The case against negative rates is also simple: They offer great risk and little reward. Assuming you forbid banks from passing on negative rates to their small depositors (likely a political necessity), the policy would put pressure on lenders’ profit margins, potentially leaving them less resilient against further shocks. Negative rates could also chase investors out of money markets, which the U.S. economy relies on more than other national economies. Further, if pension funds and insurers are forced to hold money-losing government bonds, they might struggle to meet their obligations. And banks could take the incentive to chase risk too far, thereby inflating financial and housing bubbles. Sweden’s Riksbank abandoned negative rates last winter after concluding that keeping the policy in place for an extended period of time risked spurring harmful changes in the behavior of economic actors.

Given these downside risks, the stimulative “yield” on negative interest rates looks rather piddling: In its rosy estimate of the policy’s success, the ECB estimated that negative rates had increased annual inflation by a whopping 0.07 percentage points, making them less effective than bond-buying or forward guidance.
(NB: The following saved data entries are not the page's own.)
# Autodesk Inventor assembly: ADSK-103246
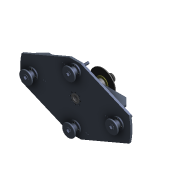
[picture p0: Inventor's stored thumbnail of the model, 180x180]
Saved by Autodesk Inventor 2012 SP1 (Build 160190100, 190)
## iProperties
Shininess: 0.0
Created: 2000-12
Part Number: ADSK-103246
Document SubType Name: Assembly
Designer: gao
Stock Number: ADSK-103246
Density: 0.0
Volumn: 0.0
Area: 0.0
PropertySet Name: Model Information
Control State: 0
Master: False
Checked Out: False
Author: gao
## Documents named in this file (9)
- D:\AOTC\Autodesk Inventor 2012 Essential for New Users\Autodesk Inventor 2012 Essentials - Project Files\Learning\Workspace\Sub-Assemblies\ADSK-103246.iam
- D:\AOTC\Autodesk Inventor 2012 Essential for New Users\Autodesk Inventor 2012 Essentials - Project Files\Learning\Workspace\Parts\ADSK-103455.ipt
- D:\AOTC\Autodesk Inventor 2012 Essential for New Users\Autodesk Inventor 2012 Essentials - Project Files\Learning\Workspace\Parts\ADSK-104069.ipt
- D:\AOTC\Autodesk Inventor 2012 Essential for New Users\Autodesk Inventor 2012 Essentials - Project Files\Learning\Workspace\Parts\ADSK-104065.ipt
- D:\AOTC\Autodesk Inventor 2012 Essential for New Users\Autodesk Inventor 2012 Essentials - Project Files\Learning\Workspace\Sub-Assemblies\ADSK-103223.iam
- D:\AOTC\Autodesk Inventor 2012 Essential for New Users\Autodesk Inventor 2012 Essentials - Project Files\Learning\Workspace\Sub-Assemblies\ADSK-103198.iam
- D:\AOTC\Autodesk Inventor 2012 Essential for New Users\Autodesk Inventor 2012 Essentials - Project Files\Learning\Workspace\Libraries\Content Center Files\en-US\4746AD94-7A15-4D0E-79EA-365386ECB28E.ipt
- D:\AOTC\Autodesk Inventor 2012 Essential for New Users\Autodesk Inventor 2012 Essentials - Project Files\Learning\Workspace\Parts\45665CD9-1C60-DBCA-D3BB-54EB80893890.ipt
- D:\AOTC\Autodesk Inventor 2012 Essential for New Users\Autodesk Inventor 2012 Essentials - Project Files\Learning\Workspace\Parts\F3808AAD-BDC4-3728-F238-65C25E68102C.ipt
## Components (48 placed, 8 different names)
1. ADSK-104069:1 — Insert:1, Insert:2, Insert:3, Insert:4, Insert:5, Insert:24, Insert:25, Insert:26, Insert:27, Insert:28, Insert:29, Insert:30, Insert:31
2. ADSK-103455:1 — Insert:1, Insert:17, Insert:18, Insert:19, Insert:20
3. ADSK-103455:2 — Insert:2, Insert:13, Insert:14, Insert:15, Insert:16
4. ADSK-103455:3 — Insert:3, Insert:9, Insert:10, Insert:11, Insert:12
5. ADSK-103455:4 — Insert:4, Insert:21, Insert:22, Insert:23
6. ADSK-104065:1 — Insert:5, Insert:6, Insert:7
7. ADSK-103223:1 [sub-assembly] — Insert:6
8. ADSK-103198:1 [sub-assembly] — Insert:7
9. Hex Cap Screw - 3/8 - 16 - 1 1/2:1
10. Hex Cap Screw - 3/8 - 16 - 1 1/2:2
11. Hex Cap Screw - 3/8 - 16 - 1 1/2:3 — Insert:22
12. Hex Cap Screw - 3/8 - 16 - 1 1/2:4 — Insert:8
13. Hex Cap Screw - 3/8 - 16 - 1 1/2:5
14. Hex Cap Screw - 3/8 - 16 - 1 1/2:6 — Insert:19
15. Hex Cap Screw - 3/8 - 16 - 1 1/2:7
16. Hex Cap Screw - 3/8 - 16 - 1 1/2:8 — Insert:17
17. Hex Cap Screw - 3/8 - 16 - 1 1/2:9
18. Hex Cap Screw - 3/8 - 16 - 1 1/2:10
19. Hex Cap Screw - 3/8 - 16 - 1 1/2:11
20. Hex Cap Screw - 3/8 - 16 - 1 1/2:12
21. Hex Cap Screw - 3/8 - 16 - 1 1/2:13
22. Hex Cap Screw - 3/8 - 16 - 1 1/2:14
23. Hex Cap Screw - 3/8 - 16 - 1 1/2:15
24. Hex Cap Screw - 3/8 - 16 - 1 1/2:16
25. Helical Spring Lock Washer - 3/8  Regular. Carbon Steel:1 — Insert:20
26. Helical Spring Lock Washer - 3/8  Regular. Carbon Steel:2
27. Helical Spring Lock Washer - 3/8  Regular. Carbon Steel:3 — Insert:18
28. Helical Spring Lock Washer - 3/8  Regular. Carbon Steel:4
29. Helical Spring Lock Washer - 3/8  Regular. Carbon Steel:5 — Insert:21
30. Helical Spring Lock Washer - 3/8  Regular. Carbon Steel:6 — Insert:23
31. Helical Spring Lock Washer - 3/8  Regular. Carbon Steel:7
32. Helical Spring Lock Washer - 3/8  Regular. Carbon Steel:8 — Insert:8
33. Helical Spring Lock Washer - 3/8  Regular. Carbon Steel:9 — Insert:12
34. Helical Spring Lock Washer - 3/8  Regular. Carbon Steel:10 — Insert:11
35. Helical Spring Lock Washer - 3/8  Regular. Carbon Steel:11 — Insert:9
36. Helical Spring Lock Washer - 3/8  Regular. Carbon Steel:12 — Insert:10
37. Helical Spring Lock Washer - 3/8  Regular. Carbon Steel:13 — Insert:13
38. Helical Spring Lock Washer - 3/8  Regular. Carbon Steel:14 — Insert:14
39. Helical Spring Lock Washer - 3/8  Regular. Carbon Steel:15 — Insert:16
40. Helical Spring Lock Washer - 3/8  Regular. Carbon Steel:16 — Insert:15
41. Hexagon Socket Head Cap Screw - 3/8 - 16 - 1 1/2:1 — Insert:30
42. Hexagon Socket Head Cap Screw - 3/8 - 16 - 1 1/2:2 — Insert:29
43. Hexagon Socket Head Cap Screw - 3/8 - 16 - 1 1/2:3 — Insert:28
44. Hexagon Socket Head Cap Screw - 3/8 - 16 - 1 1/2:4 — Insert:24
45. Hexagon Socket Head Cap Screw - 3/8 - 16 - 1 1/2:5 — Insert:25
46. Hexagon Socket Head Cap Screw - 3/8 - 16 - 1 1/2:6 — Insert:26
47. Hexagon Socket Head Cap Screw - 3/8 - 16 - 1 1/2:7 — Insert:27
48. Hexagon Socket Head Cap Screw - 3/8 - 16 - 1 1/2:8 — Insert:31
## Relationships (31: Insert 31)
- Insert:1: ADSK-104069:1 ↔ ADSK-103455:1
- Insert:2: ADSK-104069:1 ↔ ADSK-103455:2
- Insert:3: ADSK-104069:1 ↔ ADSK-103455:3
- Insert:4: ADSK-104069:1 ↔ ADSK-103455:4
- Insert:5: ADSK-104069:1 ↔ ADSK-104065:1
- Insert:6: ADSK-104065:1 ↔ ADSK-103223:1
- Insert:7: ADSK-104065:1 ↔ ADSK-103198:1
- Insert:8: Hex Cap Screw - 3/8 - 16 - 1 1/2:4 ↔ Helical Spring Lock Washer - 3/8  Regular. Carbon Steel:8
- Insert:9: ADSK-103455:3 ↔ Helical Spring Lock Washer - 3/8  Regular. Carbon Steel:11
- Insert:10: ADSK-103455:3 ↔ Helical Spring Lock Washer - 3/8  Regular. Carbon Steel:12
- Insert:11: ADSK-103455:3 ↔ Helical Spring Lock Washer - 3/8  Regular. Carbon Steel:10
- Insert:12: ADSK-103455:3 ↔ Helical Spring Lock Washer - 3/8  Regular. Carbon Steel:9
- Insert:13: ADSK-103455:2 ↔ Helical Spring Lock Washer - 3/8  Regular. Carbon Steel:13
- Insert:14: ADSK-103455:2 ↔ Helical Spring Lock Washer - 3/8  Regular. Carbon Steel:14
- Insert:15: ADSK-103455:2 ↔ Helical Spring Lock Washer - 3/8  Regular. Carbon Steel:16
- Insert:16: ADSK-103455:2 ↔ Helical Spring Lock Washer - 3/8  Regular. Carbon Steel:15
- Insert:17: ADSK-103455:1 ↔ Hex Cap Screw - 3/8 - 16 - 1 1/2:8
- Insert:18: ADSK-103455:1 ↔ Helical Spring Lock Washer - 3/8  Regular. Carbon Steel:3
- Insert:19: ADSK-103455:1 ↔ Hex Cap Screw - 3/8 - 16 - 1 1/2:6
- Insert:20: ADSK-103455:1 ↔ Helical Spring Lock Washer - 3/8  Regular. Carbon Steel:1
- Insert:21: ADSK-103455:4 ↔ Helical Spring Lock Washer - 3/8  Regular. Carbon Steel:5
- Insert:22: ADSK-103455:4 ↔ Hex Cap Screw - 3/8 - 16 - 1 1/2:3
- Insert:23: ADSK-103455:4 ↔ Helical Spring Lock Washer - 3/8  Regular. Carbon Steel:6
- Insert:24: ADSK-104069:1 ↔ Hexagon Socket Head Cap Screw - 3/8 - 16 - 1 1/2:4
- Insert:25: ADSK-104069:1 ↔ Hexagon Socket Head Cap Screw - 3/8 - 16 - 1 1/2:5
- Insert:26: ADSK-104069:1 ↔ Hexagon Socket Head Cap Screw - 3/8 - 16 - 1 1/2:6
- Insert:27: ADSK-104069:1 ↔ Hexagon Socket Head Cap Screw - 3/8 - 16 - 1 1/2:7
- Insert:28: ADSK-104069:1 ↔ Hexagon Socket Head Cap Screw - 3/8 - 16 - 1 1/2:3
- Insert:29: ADSK-104069:1 ↔ Hexagon Socket Head Cap Screw - 3/8 - 16 - 1 1/2:2
- Insert:30: ADSK-104069:1 ↔ Hexagon Socket Head Cap Screw - 3/8 - 16 - 1 1/2:1
- Insert:31: ADSK-104069:1 ↔ Hexagon Socket Head Cap Screw - 3/8 - 16 - 1 1/2:8

The Fed reportedly sees so-called yield-curve control (YCC) as a more promising emergency means of lowering borrowing costs. YCC is similar to quantitative easing (QE), in which the central bank lowers long-term interest rates by buying up government bonds. But under YCC, instead of buying a set quantity of bonds, the central bank sets a target price for long-term bonds, and then commits to buying up as many as necessary to maintain that price (since there is an inverse relationship between a bond’s price and its yield, inflating the price of bonds lowers their interest rates). In theory, once the market internalized the Fed’s commitment to defending its target price, the central bank would no longer have to buy up large amounts of bonds to defend that price; traders would simply stop selling bonds to private investors for anything less than they could get at the Fed. This would mean that the central bank could get the impact of QE without significantly expanding its balance sheet; the target price would just become the market price.

As long as Jerome Powell still has YCC left in his kit, it’s unlikely that he’ll turn to negative rates. But if his preferred implements prove inadequate to the task of reviving growth and inflation — and the Republican Party continues to starve the U.S. economy of the fiscal support it requires — the Fed chair may be forced to reach into the darker corners of his toolshed.